General firewall design:
Although you do break up the primary chains into sub-chains, you might want to consider restricting certain things to address ranges at the primary level.  The way I designed my firewall is to have the primary chains break out by virtual host (or host-subnet) and a few special functions (icmp/icmpv6), then conclude them with a catchall "-m state ESTABLISHED,RELATED" that catches things like "passive ftp."  Lastly, I note that your SSH port is open to the world (although it appears you're on a non-standard port value).  Once you have the ruleset fully working, consider hiding SSH behind a "port-knocking" setup.  This normally involves the "recent" module used with a time limit.  Don't use recent's -rttl function - as I found that my OS and my SSH client had different opinions as to the initial TTL/HL value to use.  A "double-knock" I have found to be unnecessary.

For the IPv6 firewall, don't forget that some ICMP6 packets for routing and neighbors use source addresses in the FE80::/10 and FF00::/8 ranges, and sometimes ::/128.

Lastly, don't forget to turn on packet forwarding in your /proc filesystem.

[w1nr]

OK, the blind man can finally see. After realizing I could ping and portscan my internal address I realized that I reversed the forwarding rule in the config file. It should read

FW_FORWARD="2001:470:xxxx:xxxx::/64,2000::/3"

I had them reversed allowing traffic in from the OUTSIDE rather than LAN to internet6. Hopefully someone who hits the same issue will have some benefit from this post.

To answer a couple of questions, SuSEfirewall2 is a front end for iptables. The syntax is better than raw iptables but there are probably better choices.

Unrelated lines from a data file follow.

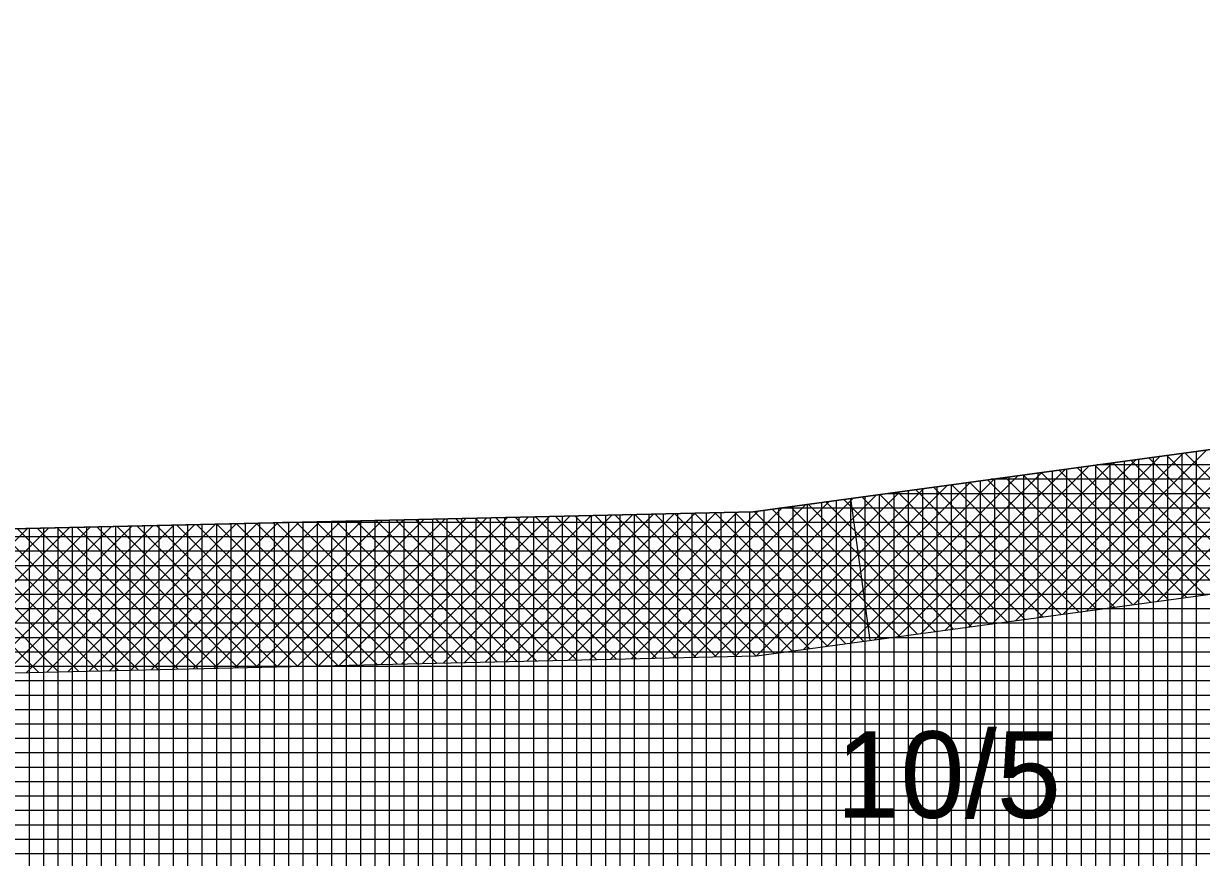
# Model space of a CAD drawing. Extents: x -565346 to -564154, y -1097386 to -1095620.
# Drawn here: x -565241.4 to -565225.05, y -1095860.99 to -1095849.41 of the extents above; entities that cross this region are included whole.
import ezdxf

# ---------------------------------------------------------------- set-up
doc = ezdxf.new("R2010")
doc.units = 0
for name, color, linetype in [('Vrstva 13', 7, 'Continuous'), ('Vrstva 40', 7, 'Continuous'), ('Vrstva 41', 7, 'Continuous'), ('Vrstva 42', 7, 'Continuous'), ('Vrstva 43', 7, 'Continuous')]:
    doc.layers.add(name, color=color, linetype=linetype)

msp = doc.modelspace()

# ---------------------------------------------------------------- linework, layer by layer
at = {"layer": 'Vrstva 13'}
for p, q in [((-565231.27, -1095856.19), (-565188.3, -1095850.34)), ((-565311.82, -1095858.04), (-565231.27, -1095856.19))]:
    msp.add_line(p, q, dxfattribs=at)
at = {"layer": 'Vrstva 41'}
for p, q in [((-565223.663, -1095855.154), (-565225.986, -1095857.478)), ((-565223.336, -1095855.11), (-565225.659, -1095857.433)), ((-565223.008, -1095855.065), (-565225.332, -1095857.389)), ((-565224.973, -1095855.333), (-565227.295, -1095857.655)), ((-565224.645, -1095855.288), (-565226.968, -1095857.611)), ((-565224.318, -1095855.244), (-565226.641, -1095857.567)), ((-565223.99, -1095855.199), (-565226.314, -1095857.522)), ((-565226.282, -1095855.511), (-565228.605, -1095857.833)), ((-565225.955, -1095855.466), (-565228.277, -1095857.789)), ((-565225.628, -1095855.422), (-565227.95, -1095857.744)), ((-565225.3, -1095855.377), (-565227.623, -1095857.7)), ((-565224.51, -1095857.277), (-565226.277, -1095855.51)), ((-565224.261, -1095857.243), (-565226.028, -1095855.476)), ((-565224.012, -1095857.209), (-565225.779, -1095855.442)), ((-565223.763, -1095857.176), (-565225.53, -1095855.409)), ((-565223.514, -1095857.142), (-565225.281, -1095855.375)), ((-565227.265, -1095855.645), (-565229.587, -1095857.967)), ((-565226.937, -1095855.6), (-565229.259, -1095857.922)), ((-565226.61, -1095855.556), (-565228.932, -1095857.878)), ((-565225.755, -1095857.446), (-565227.521, -1095855.68)), ((-565225.506, -1095857.412), (-565227.272, -1095855.646)), ((-565225.257, -1095857.379), (-565227.024, -1095855.612)), ((-565225.008, -1095857.345), (-565226.775, -1095855.578)), ((-565224.759, -1095857.311), (-565226.526, -1095855.544)), ((-565228.574, -1095855.823), (-565230.896, -1095858.144)), ((-565228.247, -1095855.778), (-565230.568, -1095858.1)), ((-565227.919, -1095855.734), (-565230.241, -1095858.056)), ((-565227.592, -1095855.689), (-565229.914, -1095858.011)), ((-565226.751, -1095857.581), (-565228.517, -1095855.815)), ((-565226.502, -1095857.548), (-565228.268, -1095855.781)), ((-565226.253, -1095857.514), (-565228.019, -1095855.747)), ((-565226.004, -1095857.48), (-565227.77, -1095855.714)), ((-565229.884, -1095856.001), (-565232.092, -1095858.209)), ((-565229.557, -1095855.957), (-565231.802, -1095858.202)), ((-565229.229, -1095855.912), (-565231.513, -1095858.196)), ((-565228.902, -1095855.868), (-565231.223, -1095858.189)), ((-565227.996, -1095857.751), (-565229.762, -1095855.985)), ((-565227.747, -1095857.717), (-565229.513, -1095855.951)), ((-565227.498, -1095857.683), (-565229.264, -1095855.917)), ((-565227.249, -1095857.649), (-565229.015, -1095855.883)), ((-565227, -1095857.615), (-565228.766, -1095855.849)), ((-565230.866, -1095856.135), (-565232.96, -1095858.229)), ((-565230.539, -1095856.09), (-565232.671, -1095858.222)), ((-565230.211, -1095856.046), (-565232.381, -1095858.216)), ((-565229.241, -1095857.92), (-565231.007, -1095856.154)), ((-565228.992, -1095857.886), (-565230.758, -1095856.12)), ((-565228.743, -1095857.852), (-565230.509, -1095856.086)), ((-565228.494, -1095857.818), (-565230.26, -1095856.052)), ((-565228.245, -1095857.784), (-565230.011, -1095856.019)), ((-565237.571, -1095856.335), (-565239.618, -1095858.382)), ((-565237.282, -1095856.328), (-565239.329, -1095858.375)), ((-565236.992, -1095856.321), (-565239.039, -1095858.368)), ((-565236.703, -1095856.315), (-565238.75, -1095858.362)), ((-565236.413, -1095856.308), (-565238.46, -1095858.355)), ((-565236.124, -1095856.301), (-565238.171, -1095858.349)), ((-565235.834, -1095856.295), (-565237.881, -1095858.342)), ((-565235.658, -1095858.291), (-565237.613, -1095856.336)), ((-565235.545, -1095856.288), (-565237.592, -1095858.335)), ((-565235.382, -1095858.284), (-565237.337, -1095856.329)), ((-565235.255, -1095856.282), (-565237.302, -1095858.329)), ((-565235.105, -1095858.278), (-565237.06, -1095856.323)), ((-565234.966, -1095856.275), (-565237.013, -1095858.322)), ((-565234.829, -1095858.272), (-565236.784, -1095856.317)), ((-565234.676, -1095856.268), (-565236.723, -1095858.315)), ((-565234.552, -1095858.265), (-565236.507, -1095856.31)), ((-565234.387, -1095856.262), (-565236.434, -1095858.309)), ((-565234.276, -1095858.259), (-565236.231, -1095856.304)), ((-565234.097, -1095856.255), (-565236.145, -1095858.302)), ((-565233.999, -1095858.253), (-565235.954, -1095856.298)), ((-565233.808, -1095856.248), (-565235.855, -1095858.295)), ((-565233.723, -1095858.246), (-565235.678, -1095856.291)), ((-565233.518, -1095856.242), (-565235.566, -1095858.289)), ((-565233.446, -1095858.24), (-565235.401, -1095856.285)), ((-565233.229, -1095856.235), (-565235.276, -1095858.282)), ((-565233.17, -1095858.234), (-565235.125, -1095856.279)), ((-565232.939, -1095856.228), (-565234.987, -1095858.275)), ((-565232.893, -1095858.227), (-565234.848, -1095856.272)), ((-565232.65, -1095856.222), (-565234.697, -1095858.269)), ((-565232.617, -1095858.221), (-565234.572, -1095856.266)), ((-565232.36, -1095856.215), (-565234.408, -1095858.262)), ((-565232.34, -1095858.215), (-565234.295, -1095856.259)), ((-565232.071, -1095856.208), (-565234.118, -1095858.255)), ((-565232.064, -1095858.208), (-565234.019, -1095856.253)), ((-565231.782, -1095856.202), (-565233.829, -1095858.249)), ((-565231.787, -1095858.202), (-565233.743, -1095856.247)), ((-565231.492, -1095856.195), (-565233.539, -1095858.242)), ((-565231.511, -1095858.196), (-565233.466, -1095856.24)), ((-565231.194, -1095856.18), (-565233.25, -1095858.236)), ((-565231.234, -1095858.189), (-565233.19, -1095856.234)), ((-565230.984, -1095858.156), (-565232.913, -1095856.228)), ((-565230.735, -1095858.123), (-565232.637, -1095856.221)), ((-565230.486, -1095858.089), (-565232.36, -1095856.215)), ((-565230.237, -1095858.055), (-565232.084, -1095856.209)), ((-565229.988, -1095858.021), (-565231.807, -1095856.202)), ((-565229.739, -1095857.987), (-565231.531, -1095856.196)), ((-565229.49, -1095857.954), (-565231.256, -1095856.188)), ((-565241.335, -1095856.421), (-565243.382, -1095858.468)), ((-565241.188, -1095858.418), (-565243.143, -1095856.463)), ((-565241.045, -1095856.415), (-565243.092, -1095858.462)), ((-565240.912, -1095858.411), (-565242.867, -1095856.456)), ((-565240.756, -1095856.408), (-565242.803, -1095858.455)), ((-565240.635, -1095858.405), (-565242.59, -1095856.45)), ((-565240.466, -1095856.401), (-565242.513, -1095858.448)), ((-565240.359, -1095858.399), (-565242.314, -1095856.444)), ((-565240.177, -1095856.395), (-565242.224, -1095858.442)), ((-565240.082, -1095858.392), (-565242.037, -1095856.437)), ((-565239.887, -1095856.388), (-565241.934, -1095858.435)), ((-565239.806, -1095858.386), (-565241.761, -1095856.431)), ((-565239.598, -1095856.381), (-565241.645, -1095858.428)), ((-565239.529, -1095858.38), (-565241.484, -1095856.425)), ((-565239.308, -1095856.375), (-565241.355, -1095858.422)), ((-565239.253, -1095858.373), (-565241.208, -1095856.418)), ((-565239.019, -1095856.368), (-565241.066, -1095858.415)), ((-565238.976, -1095858.367), (-565240.931, -1095856.412)), ((-565238.729, -1095856.361), (-565240.776, -1095858.408)), ((-565238.7, -1095858.361), (-565240.655, -1095856.406)), ((-565238.44, -1095856.355), (-565240.487, -1095858.402)), ((-565238.423, -1095858.354), (-565240.378, -1095856.399)), ((-565238.15, -1095856.348), (-565240.197, -1095858.395)), ((-565238.147, -1095858.348), (-565240.102, -1095856.393)), ((-565237.861, -1095856.341), (-565239.908, -1095858.388)), ((-565237.87, -1095858.342), (-565239.825, -1095856.386)), ((-565237.594, -1095858.335), (-565239.549, -1095856.38)), ((-565237.317, -1095858.329), (-565239.272, -1095856.374)), ((-565237.041, -1095858.323), (-565238.996, -1095856.367)), ((-565236.764, -1095858.316), (-565238.719, -1095856.361)), ((-565236.488, -1095858.31), (-565238.443, -1095856.355)), ((-565236.211, -1095858.304), (-565238.166, -1095856.348)), ((-565235.935, -1095858.297), (-565237.89, -1095856.342))]:
    msp.add_line(p, q, dxfattribs=at)
at = {"layer": 'Vrstva 42'}
msp.add_line((-565229.648, -1095857.975), (-565229.916, -1095856.006), dxfattribs=at)
msp.add_lwpolyline([(-565180.166, -1095851.786), (-565180.303, -1095849.791), (-565188.3, -1095850.34), (-565231.27, -1095856.19), (-565311.82, -1095858.04), (-565322.62, -1095856.13), (-565322.968, -1095858.099), (-565311.774, -1095860.039), (-565231.224, -1095858.189), (-565188.087, -1095852.33)], close=True, dxfattribs=at)
at = {"layer": 'Vrstva 43'}
for p, q in [((-565225.12, -1095855.353), (-565225.12, -1095870.54)), ((-565226.32, -1095855.516), (-565226.32, -1095870.674)), ((-565226.12, -1095855.489), (-565226.12, -1095870.652)), ((-565225.92, -1095855.462), (-565225.92, -1095870.63)), ((-565225.72, -1095855.434), (-565225.72, -1095870.607)), ((-565225.52, -1095855.407), (-565225.52, -1095870.585)), ((-565225.32, -1095855.38), (-565225.32, -1095870.563)), ((-565227.52, -1095855.679), (-565227.52, -1095870.809)), ((-565227.32, -1095855.652), (-565227.32, -1095870.786)), ((-565227.12, -1095855.625), (-565227.12, -1095870.764)), ((-565226.92, -1095855.598), (-565226.92, -1095870.741)), ((-565226.72, -1095855.571), (-565226.72, -1095870.719)), ((-565226.52, -1095855.543), (-565226.52, -1095870.697)), ((-565091.015, -1095855.54), (-565226.496, -1095855.54)), ((-565228.72, -1095855.843), (-565228.72, -1095870.943)), ((-565228.52, -1095855.816), (-565228.52, -1095870.92)), ((-565228.32, -1095855.788), (-565228.32, -1095870.898)), ((-565228.12, -1095855.761), (-565228.12, -1095870.876)), ((-565092.803, -1095855.74), (-565227.965, -1095855.74)), ((-565227.92, -1095855.734), (-565227.92, -1095870.853)), ((-565227.72, -1095855.707), (-565227.72, -1095870.831)), ((-565229.92, -1095856.006), (-565229.92, -1095871.077)), ((-565229.72, -1095855.979), (-565229.72, -1095871.055)), ((-565229.52, -1095855.952), (-565229.52, -1095871.032)), ((-565094.591, -1095855.94), (-565229.434, -1095855.94)), ((-565229.32, -1095855.925), (-565229.32, -1095871.01)), ((-565229.12, -1095855.897), (-565229.12, -1095870.988)), ((-565228.92, -1095855.87), (-565228.92, -1095870.965)), ((-565231.12, -1095856.17), (-565231.12, -1095871.194)), ((-565230.92, -1095856.142), (-565230.92, -1095871.189)), ((-565096.379, -1095856.14), (-565230.903, -1095856.14)), ((-565230.72, -1095856.115), (-565230.72, -1095871.167)), ((-565230.52, -1095856.088), (-565230.52, -1095871.144)), ((-565230.32, -1095856.061), (-565230.32, -1095871.122)), ((-565230.12, -1095856.033), (-565230.12, -1095871.099)), ((-565237.52, -1095856.334), (-565237.52, -1095871.341)), ((-565237.32, -1095856.329), (-565237.32, -1095871.336)), ((-565237.12, -1095856.324), (-565237.12, -1095871.332)), ((-565236.92, -1095856.32), (-565236.92, -1095871.327)), ((-565236.72, -1095856.315), (-565236.72, -1095871.323)), ((-565236.52, -1095856.311), (-565236.52, -1095871.318)), ((-565236.32, -1095856.306), (-565236.32, -1095871.313)), ((-565236.12, -1095856.301), (-565236.12, -1095871.309)), ((-565235.92, -1095856.297), (-565235.92, -1095871.304)), ((-565235.72, -1095856.292), (-565235.72, -1095871.3)), ((-565235.52, -1095856.288), (-565235.52, -1095871.295)), ((-565235.32, -1095856.283), (-565235.32, -1095871.291)), ((-565235.12, -1095856.278), (-565235.12, -1095871.286)), ((-565234.92, -1095856.274), (-565234.92, -1095871.281)), ((-565234.72, -1095856.269), (-565234.72, -1095871.277)), ((-565234.52, -1095856.265), (-565234.52, -1095871.272)), ((-565234.32, -1095856.26), (-565234.32, -1095871.268)), ((-565234.12, -1095856.255), (-565234.12, -1095871.263)), ((-565233.92, -1095856.251), (-565233.92, -1095871.258)), ((-565233.72, -1095856.246), (-565233.72, -1095871.254)), ((-565233.52, -1095856.242), (-565233.52, -1095871.249)), ((-565233.32, -1095856.237), (-565233.32, -1095871.245)), ((-565233.12, -1095856.232), (-565233.12, -1095871.24)), ((-565232.92, -1095856.228), (-565232.92, -1095871.236)), ((-565232.72, -1095856.223), (-565232.72, -1095871.231)), ((-565232.52, -1095856.219), (-565232.52, -1095871.226)), ((-565232.32, -1095856.214), (-565232.32, -1095871.222)), ((-565232.12, -1095856.21), (-565232.12, -1095871.217)), ((-565231.92, -1095856.205), (-565231.92, -1095871.213)), ((-565231.72, -1095856.2), (-565231.72, -1095871.208)), ((-565231.52, -1095856.196), (-565231.52, -1095871.204)), ((-565231.32, -1095856.191), (-565231.32, -1095871.199)), ((-565241.32, -1095856.421), (-565241.32, -1095871.428)), ((-565241.12, -1095856.416), (-565241.12, -1095871.423)), ((-565240.92, -1095856.412), (-565240.92, -1095871.419)), ((-565240.72, -1095856.407), (-565240.72, -1095871.414)), ((-565240.52, -1095856.402), (-565240.52, -1095871.41)), ((-565240.32, -1095856.398), (-565240.32, -1095871.405)), ((-565240.12, -1095856.393), (-565240.12, -1095871.4)), ((-565239.92, -1095856.389), (-565239.92, -1095871.396)), ((-565239.72, -1095856.384), (-565239.72, -1095871.391)), ((-565239.52, -1095856.379), (-565239.52, -1095871.387)), ((-565239.32, -1095856.375), (-565239.32, -1095871.382)), ((-565239.12, -1095856.37), (-565239.12, -1095871.378)), ((-565238.92, -1095856.366), (-565238.92, -1095871.373)), ((-565238.72, -1095856.361), (-565238.72, -1095871.368)), ((-565238.52, -1095856.357), (-565238.52, -1095871.364)), ((-565238.32, -1095856.352), (-565238.32, -1095871.359)), ((-565238.12, -1095856.347), (-565238.12, -1095871.355)), ((-565237.92, -1095856.343), (-565237.92, -1095871.35)), ((-565098.167, -1095856.34), (-565237.801, -1095856.34)), ((-565237.72, -1095856.338), (-565237.72, -1095871.345)), ((-565099.955, -1095856.54), (-565246.509, -1095856.54)), ((-565101.743, -1095856.74), (-565255.217, -1095856.74)), ((-565103.531, -1095856.94), (-565263.925, -1095856.94)), ((-565105.319, -1095857.14), (-565272.634, -1095857.14)), ((-565107.107, -1095857.34), (-565281.342, -1095857.34)), ((-565108.895, -1095857.54), (-565290.05, -1095857.54)), ((-565110.683, -1095857.74), (-565298.758, -1095857.74)), ((-565112.472, -1095857.94), (-565307.466, -1095857.94)), ((-565114.26, -1095858.14), (-565322.58, -1095858.14)), ((-565116.048, -1095858.34), (-565322.576, -1095858.34)), ((-565117.836, -1095858.54), (-565322.572, -1095858.54)), ((-565119.624, -1095858.74), (-565322.568, -1095858.74)), ((-565121.412, -1095858.94), (-565322.564, -1095858.94)), ((-565123.2, -1095859.14), (-565322.56, -1095859.14)), ((-565124.988, -1095859.34), (-565322.556, -1095859.34)), ((-565126.776, -1095859.54), (-565322.552, -1095859.54)), ((-565128.564, -1095859.74), (-565322.548, -1095859.74)), ((-565130.352, -1095859.94), (-565322.544, -1095859.94)), ((-565132.14, -1095860.14), (-565322.541, -1095860.14)), ((-565133.928, -1095860.34), (-565322.537, -1095860.34)), ((-565135.716, -1095860.54), (-565322.533, -1095860.54)), ((-565137.504, -1095860.74), (-565322.529, -1095860.74)), ((-565139.292, -1095860.94), (-565322.525, -1095860.94))]:
    msp.add_line(p, q, dxfattribs=at)
msp.add_lwpolyline([(-565311.82, -1095858.04), (-565322.62, -1095856.13), (-565322.28, -1095873.28), (-565318.28, -1095873.19), (-565230.93, -1095871.19), (-565052.84, -1095851.27), (-565052.77, -1095836.13), (-565130.42, -1095846.37), (-565188.3, -1095850.34), (-565231.27, -1095856.19)], close=True, dxfattribs=at)

# ---------------------------------------------------------------- texts
at = {"layer": 'Vrstva 40'}
msp.add_text('10/5', height=1.2, dxfattribs=at).set_placement((-565230.12, -1095860.44))

doc.saveas('drawing.dxf')

I should investigate shorewall.

BTW: I do have moe, larry, shemp and even an omay too!  :P

Mike

[jimb]

Glad to see you got it working.  As I'm unfamiliar with the particular ip[6]tables script you're using, I figure I'd just show you what was wrong in the actual ip6tables commands rather then trying to figure out what the script is doing with those conf file variables.   :P

Personally, I avoid those things.  I just do my own ip[6]tables setup.  I find the interface to be fairly simple, but then, I've have lots of people tell me that it was complicated and they couldn't get it to work, etc.  I don't know.  Maybe my years of working with various firewalls (Checkpoint, PIXen, Netscreen, etc) gives me some insight?  Netfilter/iptables is a bit "different" though, because of the concept of chains and tables, etc.

Anyway, I have heard "good" things about shorewall, but I've never tried it.